# Quangsheng or Qiangsheng



## undergroundhunter (9 Feb 2012)

Hi guys, 
Is there any difference between the above mentioned planes? The reason I ask is the price difference between Rutlands and workshop heaven? I have been looking at the Low Angle Rebating Block Plane anyone got any comments or opinions????
Thanks in advance.

Matt


----------



## Modernist (9 Feb 2012)

Differences are only cosmetic but rebating block planes are very adept at nicking fingers too!


----------



## undergroundhunter (9 Feb 2012)

I did think that, do you think I should go for the standard low angle??


----------



## pedder (9 Feb 2012)

My Impression: these blatant Lie-Nielsen clones are made in the same factory, but the quality is determinated by the retailer, who tests the incoming planes. If I'd have to choose, I would buy from Matthew in UK or Dieter in Germany. 


Cheers
Pedder


----------



## RogerP (9 Feb 2012)

There's mini review of the Dakota-qiangsheng block plane here in and earlier post on this forum.


----------



## Vann (10 Feb 2012)

Two different spellings of the same company name. I believe _Qiangsheng_ may be the correct spelling.

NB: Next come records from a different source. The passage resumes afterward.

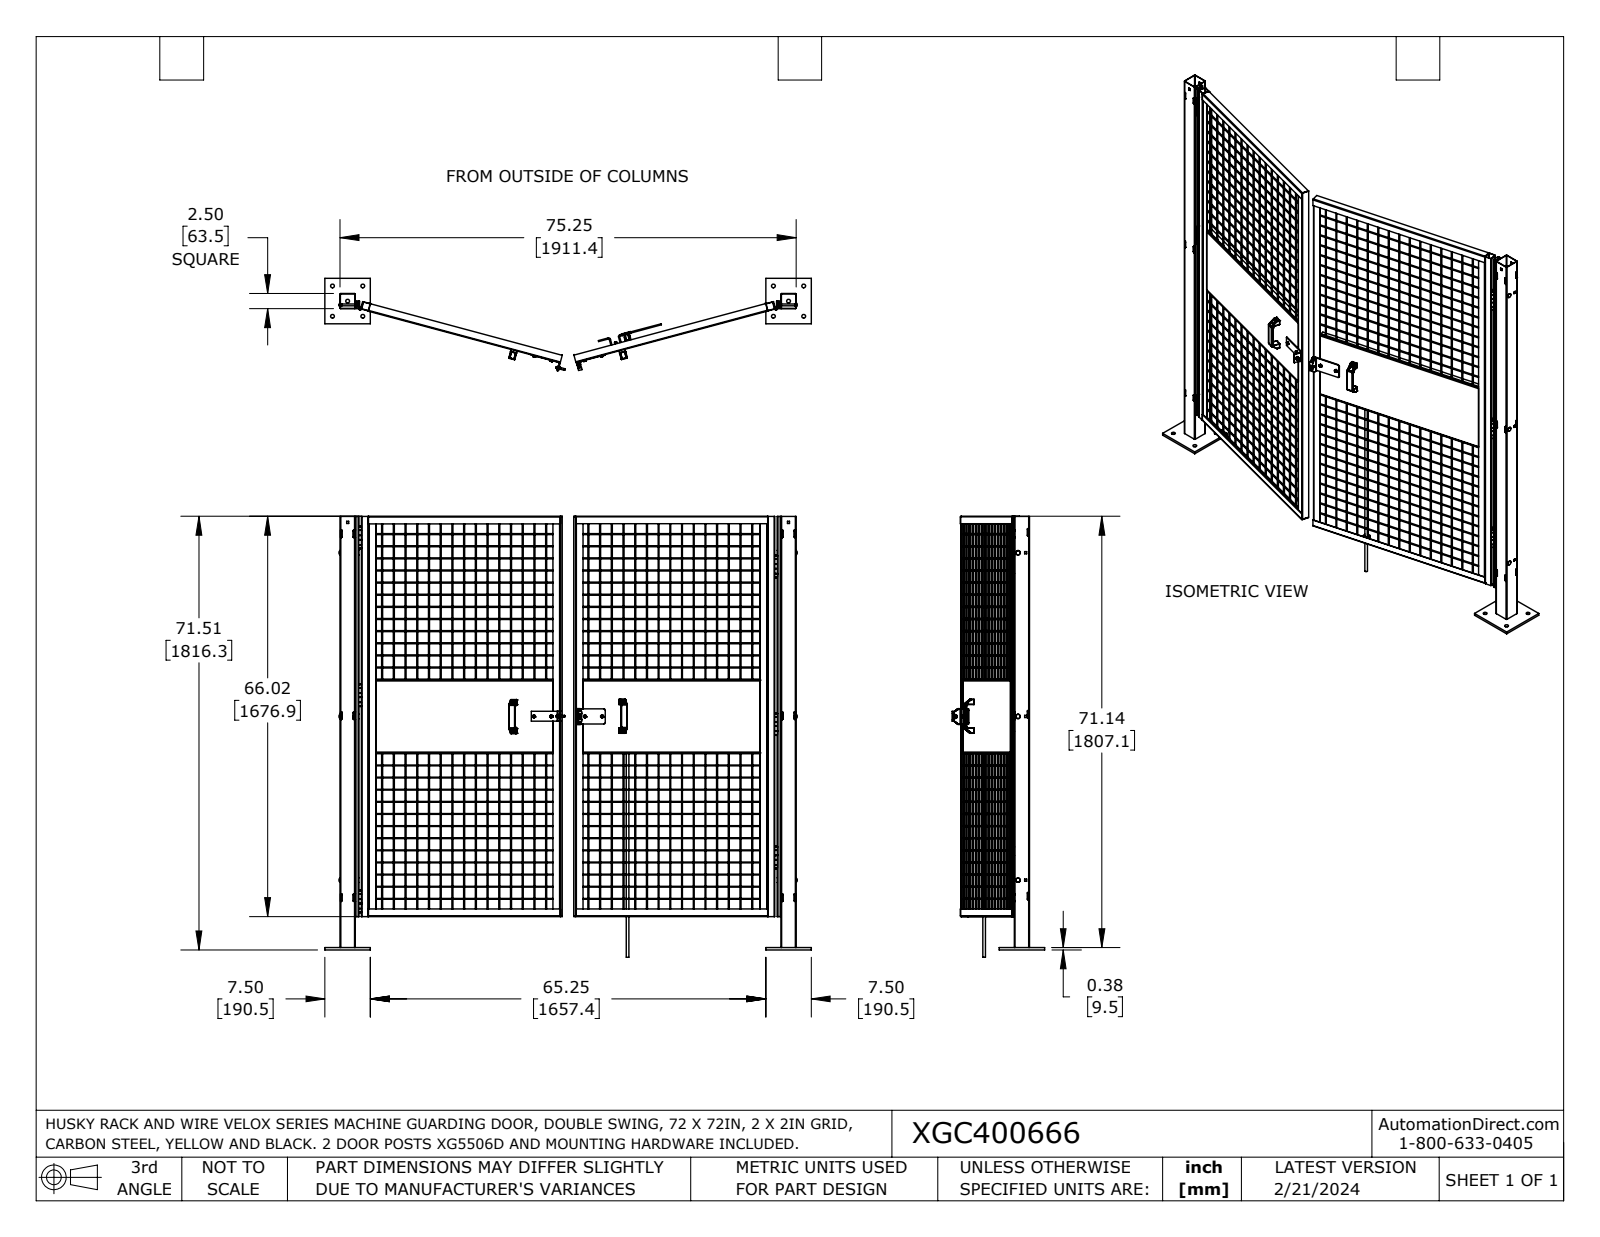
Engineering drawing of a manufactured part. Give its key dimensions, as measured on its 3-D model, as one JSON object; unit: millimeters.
{"part_name": "XGC400666", "step_written_by": "SolidWorks 2023 (AUTOMOTIVE_DESIGN)", "units": "millimeters", "bodies": {"solids": 87, "faces": 2570, "planar": 1463, "cylindrical": 717, "other": 390}, "overall_size": [2038.4, 1847.5, 387.7], "volume_mm3": 6717000, "surface_area_mm2": 6965000, "round_holes": [[9.1, 12], [6.4, 11], [12.7, 10], [15.9, 10], [4.6, 8], [6.1, 6], [6, 4], [3.5, 2], [4.3, 2], [4.7, 1], [7.4, 1], [9.5, 1]], "round_bosses_or_shafts": [[4.2, 56], [4.1, 34], [15.1, 8], [6.4, 8], [17.4, 6], [8.1, 6], [38.1, 2], [11.1, 2]], "partial_cylinders_radius": [[1.3, 56], [0.2, 48], [3.3, 31], [1.6, 24], [0.6, 20], [3.2, 17], [1.6, 14], [3, 14]], "face_to_face_distances": [1.5, 62, 1.8, 1.8, 63.5, 1847.9, 60.6, 30.2, 1.5, 31.8], "hole_center_spacings": [89.8, 127, 1847.9, 179.6, 685.8, 685.8, 1371.6, 1785.5]}
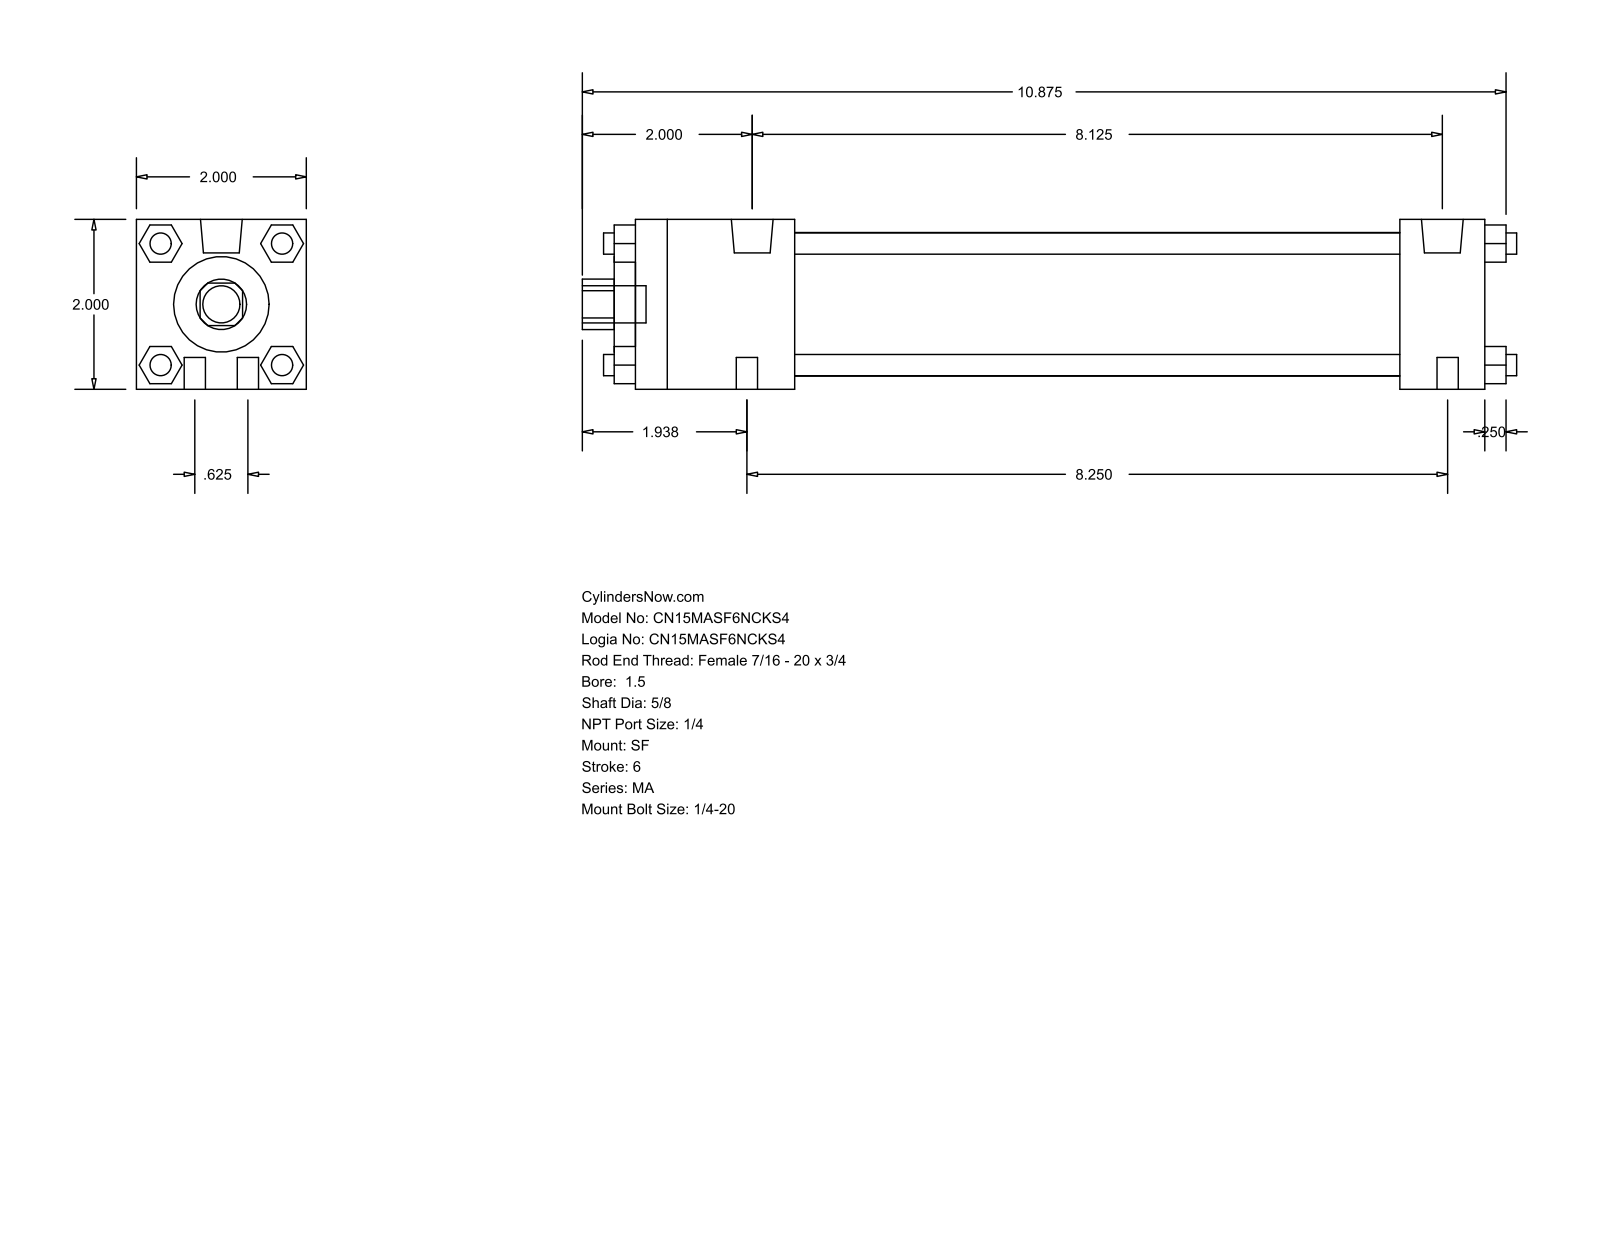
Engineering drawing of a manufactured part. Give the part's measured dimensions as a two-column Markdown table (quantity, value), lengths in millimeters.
| quantity | value |
| --- | --- |
| part name | MA_SF__0150_0.625 |
| STEP written by | GSSL Pune (CONFIG_CONTROL_DESIGN) |
| units | millimeters |
| bodies | 0 solids, 124 faces (94 planar, 30 cylindrical, 0 other) |
| overall size | 279.4 × 50.8 × 50.8 |
| round holes (diameter × count) | 15.88 × 1, 28.57 × 1, 42.93 × 1 |
| round bosses / shafts (diameter × count) | 6.35 × 8, 12.49 × 2, 7.94 × 2, 11.11 × 1 |
| partial cylindrical surfaces (radius × count) | 7.54 × 1 |
| main face-to-face distances | 50.8, 254, 6.35, 260.35, 47.62, 228.59, 180.97, 206.38, 25.41, 53.97 |
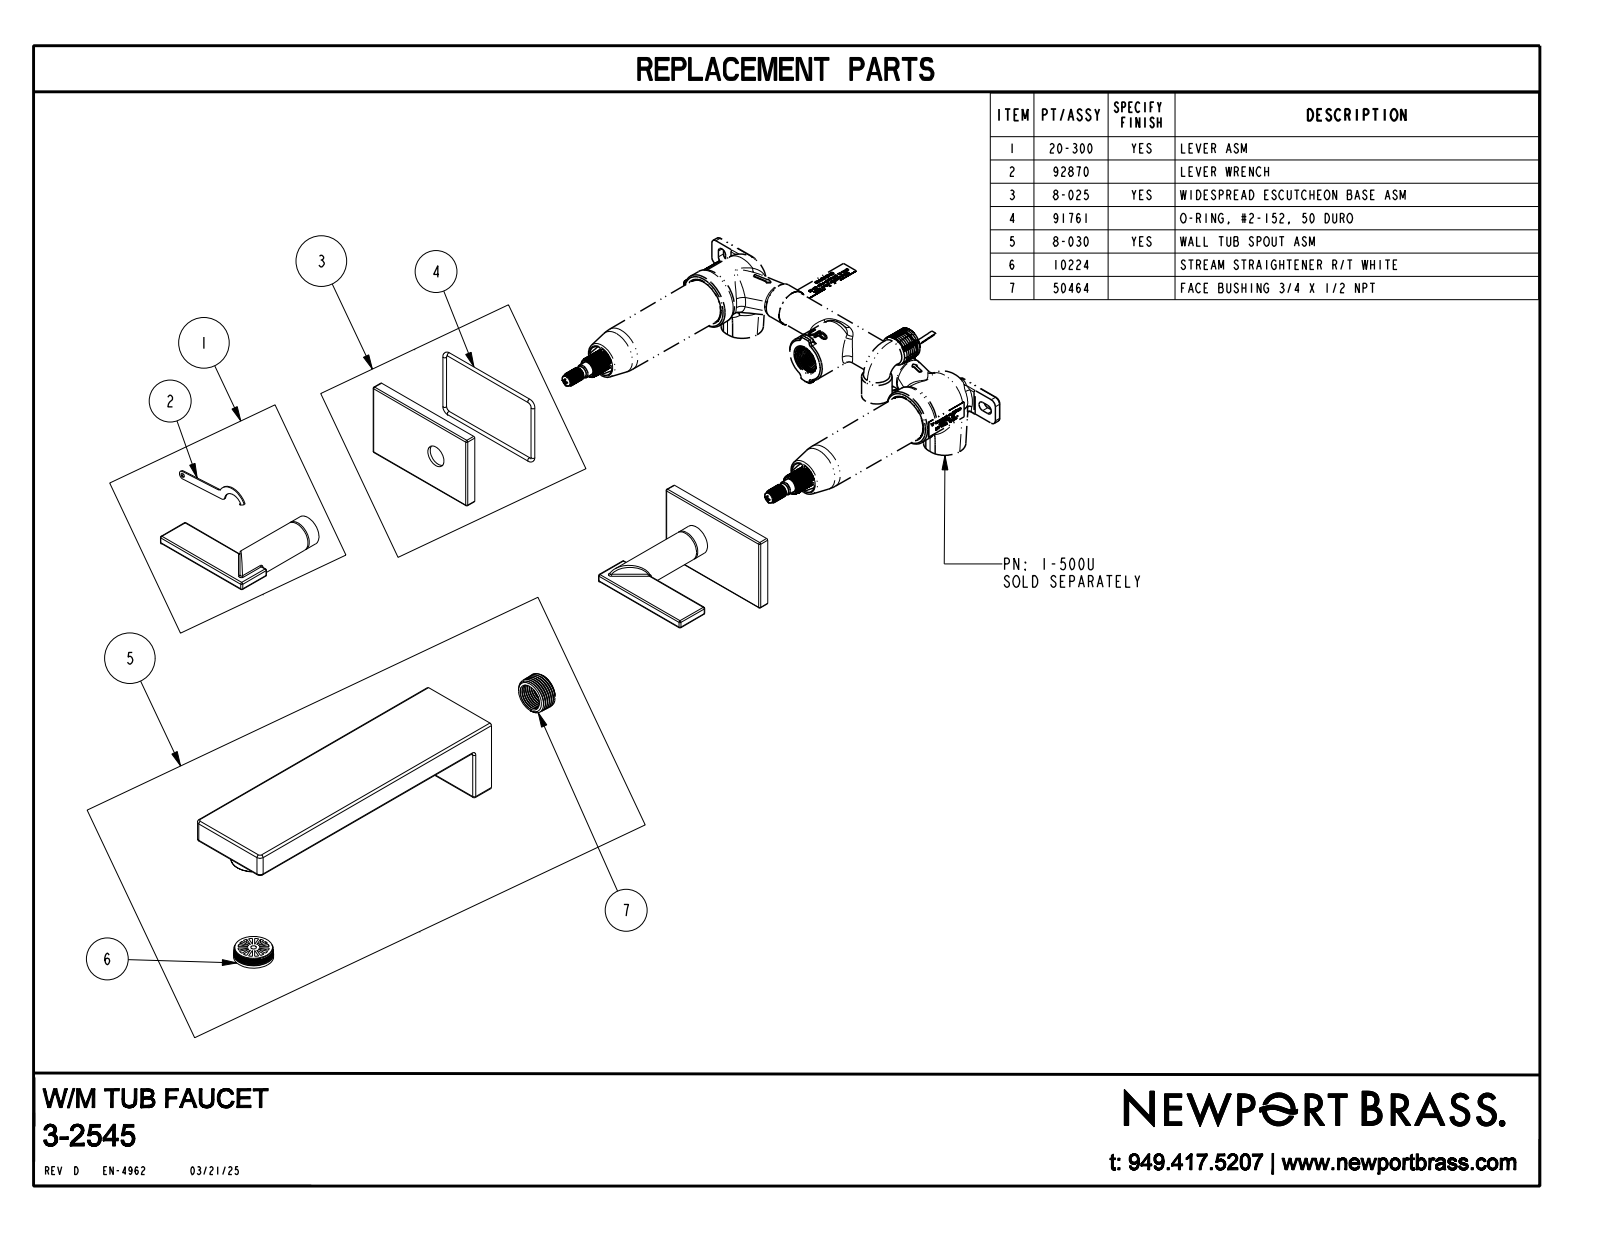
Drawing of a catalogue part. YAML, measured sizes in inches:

And what Pedder says - the retailer sets the standard, so Dakota and WH are not necessarily made to the same standard.

Cheers, Vann.


----------



## Dodge (10 Feb 2012)

I had a gentleman in my workshop a couple of weeks ago and he brought two qiangshengs with him that his wife had bought him from Rutlands for christmas - well he ordered and she paid for - they were a number 4 and a low angle block. 

Co-incidentally I have exactly the same Quangshengs purchased from Workshop Heaven last year. 

I can categorically confirm they are not the same - the finish on the once from Rutlands were much rougher and in no way as refined as the ones I own 

I'm afraid I will keep buying mine from Matthew at WS 

There was another thread not that long ago about a Rutlands Qiangsheng where the sole was out of true - as was the replacement if I remember correctly.


----------



## Lowlife (10 Feb 2012)

I bought a standard QS block plane from Rutlands, and a low angle rebate block plane from WH, there are significant differences between the two suppliers.

The low angle plane from WH has a nice bronze cap whereas the Rutlands one just has a polished steel one, and the WH plane has much finer blade adjustment than the Rutlands model.

The cap can be considered cosmetic, bronze is a nice touch but not essential, the blade adjustment is more critical though, especially on a low angle plane. I'm perfectly happy with my standard block plane from Rutlands, it's much better than what I was using before, and at the time I bought it it was considerably cheaper than the WH equivalent, WH do supply theirs with 3 different irons but I wasn't sure I needed that, and that doesn't apply to the rebate plane anyway which only comes with one iron regardless of where you buy it. 

As the price difference between Rutlands and WH for the rebate plane is now less than a fiver I would absolutely recommend you get the WH model, it will be a much better plane.


----------



## woodbloke (10 Feb 2012)

Lowlife":2d9awlf7 said:


> ... much finer blade adjustment than the Rutlands model.
> 
> ..... I would absolutely recommend you get the WH model, it will be a much better plane.



This was an issue with the early block planes that Matt had at WH and after feedback from members of UKW a block plane with a much finer adjustment thread was introduced. I can't comment on the Rutland's offerings, but the ones from WH are almost as well finished as LN's and at around a third or so of the price. Why pay more? - Rob


----------



## RogerP (10 Feb 2012)

Rutland's current sale offer ... £59.95.


----------